[Data items]
◇ ◇ ◇ ◇

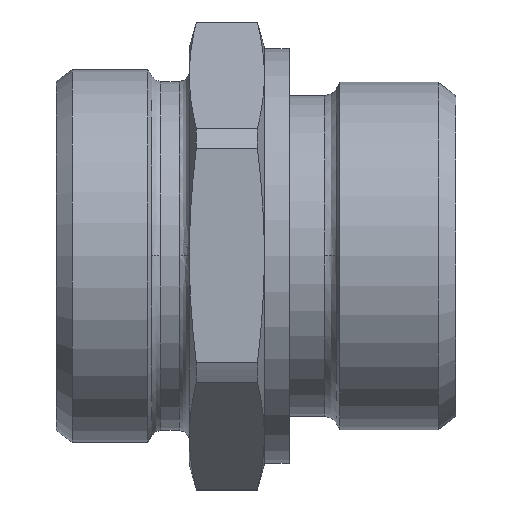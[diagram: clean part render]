
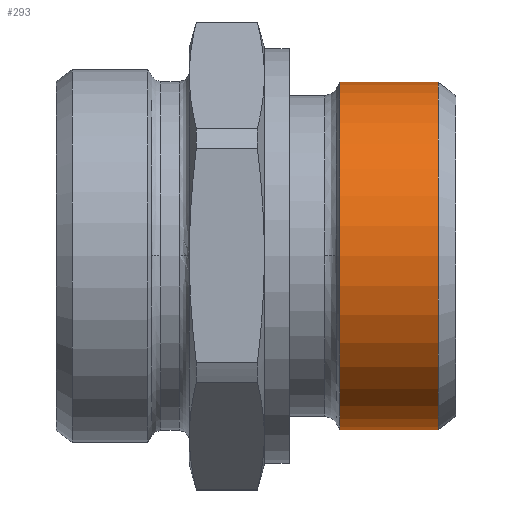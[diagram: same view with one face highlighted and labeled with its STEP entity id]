
A CAD part, top view. The second image highlights one B-rep face of the part: STEP entity #293.
In plain terms, the highlighted cylindrical face has radius 20.865 mm (diameter 41.73 mm), a partial arc.
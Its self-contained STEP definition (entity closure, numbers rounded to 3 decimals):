
#225=CARTESIAN_POINT('',(0.,20.865,-25.357));
#226=VERTEX_POINT('',#225);
#235=CARTESIAN_POINT('',(0.,-20.865,-25.357));
#236=VERTEX_POINT('',#235);
#237=CARTESIAN_POINT('',(0.,0.,-25.357));
#238=DIRECTION('',(0.0,0.0,-1.0));
#239=DIRECTION('',(0.0,1.0,0.0));
#240=AXIS2_PLACEMENT_3D('',#237,#238,#239);
#241=CIRCLE('',#240,20.865);
#242=EDGE_CURVE('',#226,#236,#241,.T.);
#262=CARTESIAN_POINT('',(0.,0.,-19.47));
#263=DIRECTION('',(0.,0.,-1.0));
#264=DIRECTION('',(0.0,1.0,0.0));
#265=AXIS2_PLACEMENT_3D('',#262,#263,#264);
#266=CYLINDRICAL_SURFACE('',#265,20.865);
#267=CARTESIAN_POINT('',(0.,20.865,-13.582));
#268=VERTEX_POINT('',#267);
#269=CARTESIAN_POINT('',(0.,20.865,-13.582));
#270=DIRECTION('',(0.0,0.0,-1.0));
#271=VECTOR('',#270,11.774);
#272=LINE('',#269,#271);
#273=EDGE_CURVE('',#268,#226,#272,.T.);
#274=ORIENTED_EDGE('',*,*,#273,.F.);
#275=CARTESIAN_POINT('',(0.,-20.865,-13.582));
#276=VERTEX_POINT('',#275);
#277=CARTESIAN_POINT('',(0.,0.,-13.582));
#278=DIRECTION('',(0.0,0.0,-1.0));
#279=DIRECTION('',(0.0,1.0,0.0));
#280=AXIS2_PLACEMENT_3D('',#277,#278,#279);
#281=CIRCLE('',#280,20.865);
#282=EDGE_CURVE('',#268,#276,#281,.T.);
#283=ORIENTED_EDGE('',*,*,#282,.T.);
#284=CARTESIAN_POINT('',(0.,-20.865,-25.357));
#285=DIRECTION('',(0.0,0.0,1.0));
#286=VECTOR('',#285,11.774);
#287=LINE('',#284,#286);
#288=EDGE_CURVE('',#236,#276,#287,.T.);
#289=ORIENTED_EDGE('',*,*,#288,.F.);
#290=ORIENTED_EDGE('',*,*,#242,.F.);
#291=EDGE_LOOP('',(#274,#283,#289,#290));
#292=FACE_OUTER_BOUND('',#291,.T.);
#293=ADVANCED_FACE('',(#292),#266,.T.);
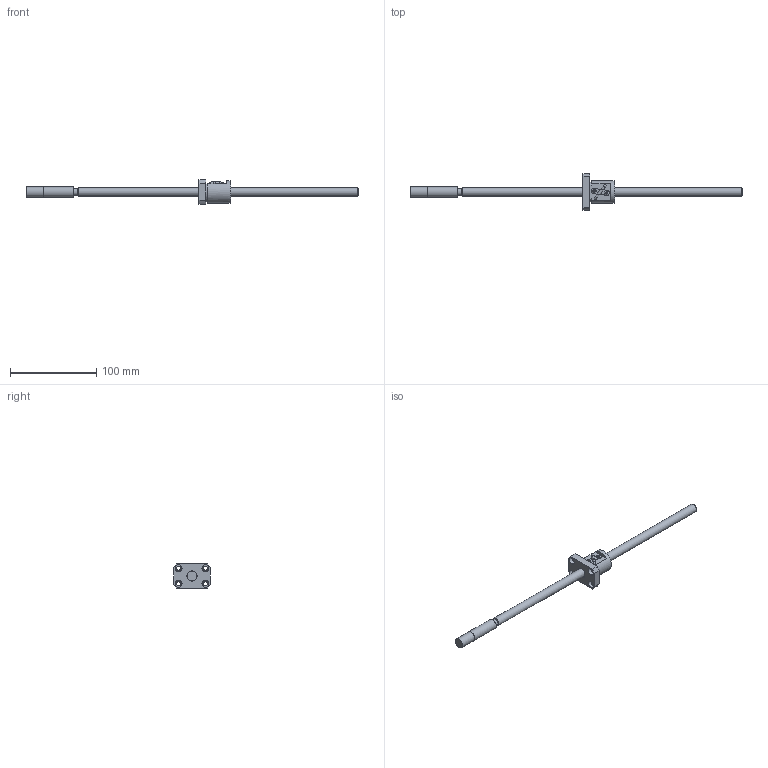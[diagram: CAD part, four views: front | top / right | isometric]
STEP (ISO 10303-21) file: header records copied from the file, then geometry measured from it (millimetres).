
FILE_DESCRIPTION((''),'2;1');
FILE_NAME('D:\製品 (図面)\カタログ用3D\ネジ関連\STEP形式\KBS(C)\KBS(C)1004-385.stp','2010-06-02T09:14:59',('Tsuchiya'),(''),'Autodesk Inventor 10','Autodesk Inventor 10','');
FILE_SCHEMA(('AUTOMOTIVE_DESIGN { 1 0 10303 214 1 1 1 1 }'));
Length unit declared in the file: millimetre
Products named in the file (3): KBS(C)1004-385; KBS(C)1004-3851; KBS(C)1004-3852
Assembly tree (2 placements, depth 2):
  KBS(C)1004-385
    KBS(C)1004-3851
    KBS(C)1004-3852
Bounding box: 385 x 42 x 28 mm (x, y, z)
Volume: 51058.6 mm3; surface area: 20304.6 mm2
Topology: 2 solids, 2 shells, 103 faces, 261 edges, 172 vertices
Faces by surface type: plane 42, cylinder 36, bspline 20, cone 3, torus 2
Full cylindrical faces by diameter (mm): 2.5 x1, 4.5 x4, 5.6 x1, 8 x4, 8.1 x1, 10 x2, 11.7 x1, 12 x3, 26 x1
Entity records: 3329 total; most frequent: CARTESIAN_POINT 934, ORIENTED_EDGE 456, DIRECTION 454, EDGE_CURVE 228, AXIS2_PLACEMENT_3D 170, VERTEX_POINT 166, EDGE_LOOP 156, VECTOR 114

◇ ◇ ◇ ◇

Among the lines above, please find those with "records" and copy them.

*Exercise response:*
STEP (ISO 10303-21) file: header records copied from the file, then geometry measured from it (millimetres).
Entity records: 3329 total; most frequent: CARTESIAN_POINT 934, ORIENTED_EDGE 456, DIRECTION 454, EDGE_CURVE 228, AXIS2_PLACEMENT_3D 170, VERTEX_POINT 166, EDGE_LOOP 156, VECTOR 114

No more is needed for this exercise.